Главный вопрос: «Почему мы не видим, не слышим Бога, если Он рядом с нами?». Потому что печать грехопадения, которую мы все на себе несем, «наложена», главным образом, на наше сознание: оно в нашем нынешнем состоянии имеет расщепленную, множественную структуру. Удалив себя из Рая, человек утратил естественную для себя природу сознания – изначальную простоту и единство всех заключенных в нем сил и энергий. Именно эти два свойства и делали его способным воспринимать Творца, поскольку простота и единство суть свойства Бога.
Множественность и сложность сознания сделали способным его для восприятия и ориентирования в материальном мире, но, в то же время, слепым по отношению к простому и единому Богу. Показателем такого состояния является то, что человечество с легкостью принимает в свою душу «музыки» (в самых разных проявлениях), с восторгом поддаваясь звукам, вызывающим удовольствие, что является естественным и само собою разумеющимся. В то же время так трудно проникать в нее молитвенному пению. Если музыка есть показатель сознания, обращенного к миру, то богослужебное пение есть показатель сознания, устремленного к Богу.
А.: Так… Подожди, надо кое-что прояснить, а то не «укладывается»… Вот что сейчас непосредственно мешает верующему общаться с Богом, если он верит, что Господь есть, и слышит обращающегося?
О.Н.: Способ общения человека с Богом в Раю - это молитва на фоне ангельского пения. Но эта создающая общение с Богом молитва является творчеством того простого, утерянного праотцами сознания, а не сложного, которым мы живем в нашем мире. Свойством и выражением единой и простой структуры сознания является молитва. Подлинная молитва это та, которую постигли святые, она проста – как Сам Бог. Ибо святость обретается людьми через восстановление исконной простоты собственного сознания, всех душевных и телесных сил в результате специальных усилий и целенаправленных действий, составляющих содержание аскетики.
Богослужения, непрерывно осуществляемые в наших храмах, являются «послушанием» Церкви от Бога. Они представляют собой совершенно необходимое звено в этом процессе обожения человека как главной цели и смысла существования Православия.
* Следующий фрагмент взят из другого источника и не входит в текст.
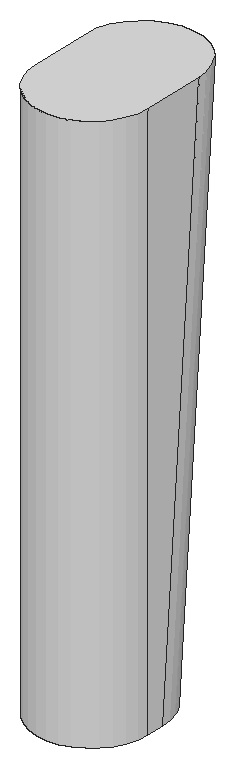
Revit family "Pilar_Con_Oval_Asim", category Structural Columns, Revit 2020
Family settings
  Display in Hidden Views = Edges Hidden by Other Members
  Section Shape = Not Defined
  Material for Model Behavior = Concrete
  Always export as geometry = No
  Beam cutback in plan = From geometry
  OmniClass Number = 23.25.30.11.14.11
  OmniClass Title = Columns
  Cut with Voids When Loaded = No
  Symbolic Representation = From Family
  Shared = No
  Show family pre-cut in plan views = Yes
Parameters (values of type "PIL_050_BLC_CON_OAS")
  b = 500 mm
  Structural Material [instance] = CT_Asfaltos
  Deslocamento_do_Eixo [instance] = 350 mm
Reference planes
  plane 1 "Center (Front/Back)": y = 0
  plane 2: z = 0
  plane 3 "Center (Left/Right)": x = 0
  plane 4: x = -250
  plane 5: x = 250
  plane 6: y = -350
Forms (mm)
  Blend 1, solid, material "CT_Asfaltos" <- "Structural Material"
    base sketch origin (0, 0, 0) x (1, 0, 0) y (0, 1, 0)
      loop
        line (-250, 41.51) -> (-250, -41.51)
        arc (-250, -41.51) -> (0, -291.51) -> (250, -41.51) r 250
        line (250, -41.51) -> (250, 41.51)
        arc (250, 41.51) -> (0, 291.51) -> (-250, 41.51) r 250
    top sketch origin (0, 0, 0) x (1, 0, 0) y (0, 1, 0)
      loop
        arc (250, 239.263) -> (0, 489.263) -> (-250, 239.263) r 250
        line (-250, 239.263) -> (-250, -41.51)
        arc (-250, -41.51) -> (0, -291.51) -> (250, -41.51) r 250
        line (250, -41.51) -> (250, 239.263)
    from 0 to 2500
Dimensions and locks
  equal spacing: plane 4, plane 3 "Center (Left/Right)", plane 5
  "b": plane 4 to plane 5
  "Deslocamento_do_Eixo": plane 6 to plane 1 "Center (Front/Back)"
  aligned and locked: level to plane 2
  aligned and locked: level to Blend 1
Automatic sketch dimensions
  Blend 1 sketch curve to plane 4 = 0 mm  (x2)
  Blend 1 sketch curve to plane 3 "Center (Left/Right)" = 0 mm  (x2)
  plane 1 "Center (Front/Back)" to Blend 1 sketch curve = 41.51 mm  (x2)
  Blend 1 sketch curve to plane 1 "Center (Front/Back)" = 41.51 mm
  Blend 1 sketch curve to plane 1 "Center (Front/Back)" = 239.263 mm
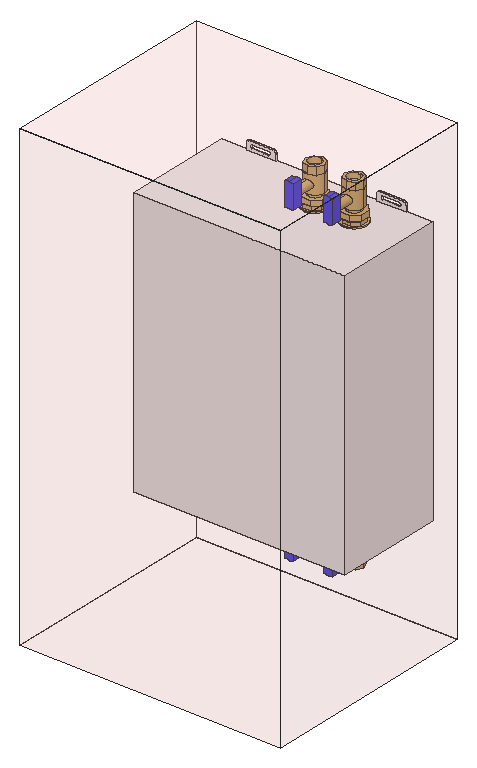
Revit family "MEP_HeatingInterface_FlamcoLtd_A1CIU_20KW", category Plumbing Fixtures, Revit 2016
Family settings
  Part Type = Normal
  Round Connector Dimension = Use Diameter
  Work Plane-Based = No
  Always vertical = Yes
  Cut with Voids When Loaded = No
  Shared = No
  Room Calculation Point = No
Parameters (values of type "A1CIU SP CIU 20Kw nominal  c/w case BPCM")
  PressureIndependentControlValve = "NexusValve Vivax  (min. p = 30 kPa) with thermo-electrical actuator (on/off)"
  OverPressureReliefValveWithPressureGauge = "3 bar, secondary circuit"
  MinFlowRateToActicvateDomesticFlowSensor = 0 mm
  InOutDepth = 56 mm
  InOut6 = 173 mm
  InOut5 = 130 mm
  InOut4 = 10 mm
  InOut3 = 53 mm
  InOut2 = 110 mm
  InOut1 = 190 mm
  Fix = 133 mm
  ElecConPos = 133 mm
  ElecConDepth = 73 mm
  DrainPos = 250 mm
  DrainDepth = 84 mm
  d = 31.8 mm
  ZoneValve = "\"Fitted on primary pipework to control space cooling\r\ncooling interface unit providing cooling only)\""
  WarrantyStartDate = "Record on Commissioning"
  WarrantyGuarantorParts = "Flamco Ltd"
  WarrantyGuarantorLabour = "Flamco Ltd"
  WarrantyDurationUnit = "2 years"
  WarrantyDurationParts = "2 years"
  WarrantyDurationLabour = "2 years"
  WarrantyDescription = "https://flamcogroup.com/ex-en/page/terms-and-conditions"
  Version = "1"
  Uniclass2015Reference = "Ss_75_70_52_17"
  Uniclass2015Description = "Cooling system control systems"
  Under Floor heating Capability = yes
  Type Comments = "AI-GB00132"
  Type = "Cooling Interface Unit for indirect comfort cooling"
  TestPoints = "Fitted on primary flow and return"
  TagNumber = "Record on Commissioning"
  SustainabilityPerformance = "N/A"
  Strainer = "On primary Flow and secondary return"
  SpareParts = "https://flamcogroup.com/uk-en/page/service-support/meibes-spare-parts"
  SolenoidValve(Optional) = "Primary Only"
  Size(WxDxH_Height_of_the_case) = "649 x 337 x 830mm"
  Size = "649 x 337 x 830"
  Shape = "cuboid"
  ServiceLifeDuration = "Record on Commissioning"
  SerialNumber = "Record on Commissioning"
  SensorPockets = "Primary flow and return for heat meter"
  SecondaryFluid = "Low pressure cold water"
  SecondaryCirculationPump = "N/A"
  ReturnWaterTemperatureCooling = "Dependent on flow temperature (refer to graphs in chapter 3 Technical Data V5)"
  ReturnTemperatureLimiter = "N/A"
  ReplacementCost = "N/A"
  ReferenceStandard = "N/A"
  ProductionYear = "Record on Installation"
  ProductCode = "AI-GB00132"
  Process = "Heat distribution"
  PrimaryFluid = "Low pressure cold water"
  Pressure(MinimumSupplyWaterPressure) = "1 bar (Maximum PN10)"
  URL = "https://flamcogroup.com/uk-en/catalog/distribution-technology-by-meibes/district-heating-equipment/meibes-ciu-indirect-units-for-cooling/logocool-20-kw/groups/g+c+p+a+view"
  PowerConsumption = 0 W
  PlateHeatExchanger = "Stainless steel plate heat exchanger"
  Pipework = "Insulated flexible stainless steel with brass fittings"
  PatternNumber = "A1CIU SP CIU 20Kw nominal  c/w case BPCM"
  PartNumber = "AI-GB00132"
  PackagingContent = ""
  PNRating = "PN10 (PN16 on request)"
  Output Range (P1, selectable) = "9 … 24 kW"
  NominalWidth = 650 mm
  NominalLength = 650 mm
  NominalHeight = 824 mm
  NominalDepth = 337 mm
  Name = "A1CIU SP CIU 20Kw nominal  c/w case BPCM"
  NLRS_S_gewicht_bruto = 0.00 kg
  NLRS_P_volumestroom = 0.0 L/s
  NLRS_C_type_comments = "N/A"
  NLRS_C_revit_versie = "2016"
  NLRS_C_model = "N/A"
  NLRS_C_description = "N/A"
  NLRS_C_content_versie = "1"
  NLRS_C_content_datum_uitgifte = "N/A"
  NLRS_C_content_datum_gewijzigd = "N/A"
  NLRS_C_content_creator = "Alus Services Ltd"
  NLRS_C_code_leverancier_artikel = "N/A"
  NLRS_C_code_gtin = "N/A"
  NLRS_C_code_fabrikant_product = "N/A"
  NLRS_C_code_fabrikant_gln = "N/A"
  NLRS_C_code_SfB_tabel1 = "N/A"
  NLRS_C_code_ETIM_url = "N/A"
  NLRS_C_code_ETIM = "N/A"
  NLRS_C_code_CBNL_URL = "N/A"
  NLRS_C_code_CBNL = "N/A"
  NBSReference = "N/A"
  NBSOfficeMasterTag = "N/A"
  NBSObjectName = "N/A"
  NBSNote = "N/A"
  NBSDescription = "Cooling system control systems"
  Mounting = "Wall Mounted"
  ModelReference = "A1CIU SP CIU 20Kw nominal  c/w case BPCM"
  ModelNumber = "AI-GB00132"
  ModelLabel = ""
  Model = "A1CIU SP CIU 20Kw nominal  c/w case BPCM"
  MinTemperaturePrimary = 5 °C
  MinTemperature = "-15"
  MinPressure = "1 BAR"
  MinDifferentialPressure = 30000.0 Pa
  MaximumSecondaryPressure = "PN10 (restricted to 3 bar by over pressure relief valve)"
  MaximumPrimaryPressure = "PN10 (PN16 on request)"
  MaximumPercentageOfGlycol = "Refer to Flamco Technical Support For More Information +44 1744 744 744"
  MaxTemperaturePrimary = 9 °C
  MaxTemperature = "N/A"
  MaxPressure@Maxtemperature = "PN10 (PN16 on request)"
  MaxPressure = 30000.0 Pa
  MaxDifferentialPressure = 400000.0 Pa
  Max Flow = 0.33 L/s
  Material = "Insulated flexible stainless steel with brass fittings"
  ManufacturingAddress = "Flamco UK Ltd, Washway Lane, St Helens, WA10 6PB\r\nWashway Lane \r\nWA10 6PB St Helens, Merseyside\r\nUnited Kingdom"
  ManufacturerName = "Flamco Limited"
  Manufacturer = "Flamco Limited"
  Maintenance = "Annual Inspection"
  LossFactor = 0
  LifeCyclePhase = "N/A"
  InstallationDate = "Record On Installation"
  IfcExportType = "IfcHeatExchangerType"
  IfcExportAs = "IfcEnergyConversionDevice"
  HeatTransferCapacity = "18kW @ 30K ΔT (10kW@20K ΔT)"
  HeatMeter = "Prefitted - Rossweiner HeatSonic, battery powered, M-Bus interface"
  Grade = "N/A"
  FluidTemperatureReturn = "Dependent on flow temperature (refer to graphs in chapter 3 Technical Data V5)"
  FluidTemperatureFlow = "8 … 10ºC"
  FlowRateRange = "1700 … 3300 L/Hour"
  Finish = "N/A"
  FilledWeight = ""
  Features = "Small dimensions, Sealed case (vapour proof) - including all external connections - to avoid condensation, 30mm internal insulation, Successfully tested at room temperatures >30°C and up to 90% humidity, Supplied with silica gel pads to collect any condensation that occurs after commissioning or inspection, Selectable duty offering a range of different outputs, easy to setup, Case with lift-off latches making it easy to open in confined spaces, Top entry connections, Stainless steel expansion vessel (secondary circuit), Ultrasonic heat meter (cooling mode) with M-Bus connectivity, A-rated circulation pump (secondary circuit)"
  ExternalConnections = "Female 1.1/4\" threaded"
  ExpectedLife = "Record on installation"
  ExpansionVessel = "2 Litre Fitted in secondary flow"
  EnvironmentalProductDeclaration = ""
  EmbodiedCarbon = "N/A"
  ElectronicControllerFrequency = "50hz"
  ElectricControllerSupply = "230v"
  EANCode = "4016715060181"
  Duty(Secondary)Cooling(ReturnTemperature) = "12 … 16 ºC"
  Duty(Secondary)Cooling(Flowraterange)(l/h) = "1500 … 3400"
  Duty(Secondary)Cooling(FlowTemperature) = "8 … 10ºC"
  DurationUnit = "Record on installation"
  DryWeight = ""
  DocumentationTechnical = ""
  DocumentationMaintenance = ""
  DocumentationLiterature = ""
  DocumentationInstallationGuide = ""
  DocumentationCertificates = ""
  Description = "A1CIU SP CIU 20Kw nominal  c/w case BPCM"
  CreatedOn = "20/05/18"
  CreatedBy = "Alus Services Ltd"
  CoolingSystem = "2 pipe flow"
  Controls = "External"
  Constituents = "N/A"
  ConnectionType = "Female 11.4\" threaded"
  ComponentMaterial = "STAINLESS STEEL WITH BRASS FITINGS"
  Color = "White"
  CodePerformance = "N/A"
  ClearanceZone = yes
  ClearanceTB = "300mm"
  Category = "HVAC"
  CasingMaterial = "Sheet Steel"
  CasingFinish = "White powder coated sheet steel"
  BarCode = "4016715060181"
  Clearance = 300 mm
  BIMObjectName = "MEP_HeatingInterface_FlamcoLtd_CIU 20KW"
  AssetType = "Fixed"
  AssetIdentifier [instance] = "Record on commissioning"
  Assembly Code = "D3040500"
  Approvals = "WRAS, CE"
  Application fluids = "Low pressure cold water"
  AirVents = "Fitted"
Reference planes
  plane 1 "Center (Front/Back)": y = 0
  plane 2 "ref": z = 0
  plane 3 "Center (Left/Right)": x = 0
  plane 4: y = 14
  plane 5: y = -330
  plane 6 "casemiddle": z = 520
  plane 7 "casetop": z = 824
  plane 8: x = 325
  plane 9: x = -325
  plane 10 "IDENT": y = 168.5
  plane 11 "hiu_front": y = -168.5
  plane 12: x = 40
  plane 13: y = 56
  plane 14: x = -295
  plane 15: x = -60
  plane 16: x = -190
  plane 17: x = 160
  plane 18 "valve_con": z = 945
  plane 19 "valve_bottom": z = -121.309
  plane 20: x = -245.5
  plane 21: x = -155.5
  plane 22: z = 852.5
  plane 23: z = 838.5
  plane 24: z = 844.5
  plane 25: z = 832.5
  plane 26: x = -225.5
  plane 27: x = -175.5
  plane 28: x = 245.5
  plane 29: z = -20.5
  plane 30: z = -8.5
  plane 31 "ELEC_CON": z = -45
Forms (mm)
  Extrusion 1, solid, material "ClearanceZone", visible <- "ClearanceZone", detail levels fine
    sketch origin (0, 376.889, 1767) x (0, 1, 0) y (0, 0, 1)
      loop
        line (-888.389, -643) -> (-888.389, -2067) -> (-207.389, -2067) -> (-207.389, -643) -> (-888.389, -643)
    from -400 to 400
  Extrusion 2, solid, material "Flamco Body White", detail levels medium+fine
    sketch origin (15.251, 39.905, 120) x (-1, 0, 0) y (0, -1, 0)
      loop
        line (340.251, -128.595) -> (340.251, 208.405) -> (-309.749, 208.405) -> (-309.749, -128.595) -> (340.251, -128.595)
    from -120 to 704
  Extrusion 3, solid, material "Flamco Body White", detail levels medium+fine
    sketch origin (0, 168.5, 0) x (-1, 0, 0) y (0, 0, 1)
      loop
        line (235.5, 852.5) -> (165.5, 852.5)
        arc (165.5, 852.5) -> (158.429, 849.571) -> (155.5, 842.5) r 10
        line (155.5, 842.5) -> (155.5, 824) -> (245.5, 824) -> (245.5, 842.5)
        arc (245.5, 842.5) -> (242.571, 849.571) -> (235.5, 852.5) r 10
      loop
        line (225.5, 844.5) -> (175.5, 844.5)
        arc (175.5, 844.5) -> (169.5, 838.5) -> (175.5, 832.5) r 6
        line (175.5, 832.5) -> (225.5, 832.5)
        arc (225.5, 832.5) -> (231.5, 838.5) -> (225.5, 844.5) r 6
    from 0 to -3
  Extrusion 4, solid, material "Flamco Body White", detail levels medium+fine
    sketch origin (401, 168.5, 0) x (-1, 0, 0) y (0, 0, 1)
      loop
        line (235.5, 852.5) -> (165.5, 852.5)
        arc (165.5, 852.5) -> (158.429, 849.571) -> (155.5, 842.5) r 10
        line (155.5, 842.5) -> (155.5, 824) -> (245.5, 824) -> (245.5, 842.5)
        arc (245.5, 842.5) -> (242.571, 849.571) -> (235.5, 852.5) r 10
      loop
        line (225.5, 844.5) -> (175.5, 844.5)
        arc (175.5, 844.5) -> (169.5, 838.5) -> (175.5, 832.5) r 6
        line (175.5, 832.5) -> (225.5, 832.5)
        arc (225.5, 832.5) -> (231.5, 838.5) -> (225.5, 844.5) r 6
    from 0 to -3
  Extrusion 5, solid, material "Flamco Body White", detail levels medium+fine
    sketch origin (0, 168.5, 824) x (-1, 0, 0) y (0, 0, 1)
      loop
        arc (235.5, -852.5) -> (242.571, -849.571) -> (245.5, -842.5) r 10
        line (245.5, -842.5) -> (245.5, -824) -> (155.5, -824) -> (155.5, -842.5)
        arc (155.5, -842.5) -> (158.429, -849.571) -> (165.5, -852.5) r 10
        line (165.5, -852.5) -> (235.5, -852.5)
      loop
        arc (225.5, -844.5) -> (231.5, -838.5) -> (225.5, -832.5) r 6
        line (225.5, -832.5) -> (175.5, -832.5)
        arc (175.5, -832.5) -> (169.5, -838.5) -> (175.5, -844.5) r 6
        line (175.5, -844.5) -> (225.5, -844.5)
    from 0 to -3
  Extrusion 6, solid, material "Flamco Body White", detail levels medium+fine
    sketch origin (401, 168.5, 824) x (-1, 0, 0) y (0, 0, 1)
      loop
        arc (235.5, -852.5) -> (242.571, -849.571) -> (245.5, -842.5) r 10
        line (245.5, -842.5) -> (245.5, -824) -> (155.5, -824) -> (155.5, -842.5)
        arc (155.5, -842.5) -> (158.429, -849.571) -> (165.5, -852.5) r 10
        line (165.5, -852.5) -> (235.5, -852.5)
      loop
        arc (225.5, -844.5) -> (231.5, -838.5) -> (225.5, -832.5) r 6
        line (225.5, -832.5) -> (175.5, -832.5)
        arc (175.5, -832.5) -> (169.5, -838.5) -> (175.5, -844.5) r 6
        line (175.5, -844.5) -> (225.5, -844.5)
    from 0 to -3
Lines and regions (mm)
  model lines
    curve 1: line (-299.749, 168.5, 824) -> (325, 168.5, 824)
    curve 2: line (-299.749, 168.5, -0.309) -> (-299.749, 168.5, 824)
    curve 3: line (325, 168.5, 824) -> (325, 168.5, -0.309)
    curve 8: line (-299.749, 168.5, -0.309) -> (325, 168.5, -0.309)
    curve 9: line (250, 168.5, -27) -> (250, 168.5, 0)
    curve 10: line (-135.168, 168.5, -45) -> (-135.168, 168.5, 0)
    curve 11: line (-130.168, 168.5, -45) -> (-130.168, 168.5, 0)
  model lines, detail levels coarse
    curve 4: line (53, 168.5, 945) -> (53, 168.5, 824)
    curve 5: line (173, 168.5, 945) -> (173, 168.5, 824)
    curve 6: line (53, 168.5, -121) -> (53, 168.5, 0)
    curve 7: line (173, 168.5, -121) -> (173, 168.5, 0)
Dimensions and locks
  equal spacing: plane 10 "IDENT", plane 1 "Center (Front/Back)", plane 11 "hiu_front"
  "NominalDepth": plane 10 "IDENT" to plane 11 "hiu_front"
  equal spacing: plane 9, plane 3 "Center (Left/Right)", plane 8
  "NominalWidth": plane 9 to plane 8
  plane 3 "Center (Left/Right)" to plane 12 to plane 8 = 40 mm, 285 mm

А сакральная роль богослужебного пения в этом великом деле состоит в том, что оно призвано осуществлять духовную связь между потаенным, заглушенным в нас грехом пением нашей ангелоподобной души с поющими Ангелами, а также со всей Вселенной, которая также поет непрерывную вселенскую песнь Создателю. Славословное, восторженное пение – это свойство всего мироздания!
А.: Ох как все, оказывается, «сложносочиненно»… Получается, что при всем его разнообразии, в центре всего церковного процесса стоит молитва как главное действие, а церковное пение это не простое музыкальное сопровождение, но выполняет самую что ни на есть созидательную, уникальную, незаменимую функцию?
О.Н.: Богослужение в православном храме задумано так, чтобы человек, пришедший на службу, был погружен в его «неотмирную» молитвенную атмосферу. Погруженность в нее должна способствовать тому, чтобы душа освобождалась и отрешалась от несвойственного ей по природе пребывания в мире множественности образов, впечатлений и чувств, и приходила в состояние изначально свойственного ей внутреннего единства и простоты. Все в храме должно максимально способствовать молитвенному деланию души.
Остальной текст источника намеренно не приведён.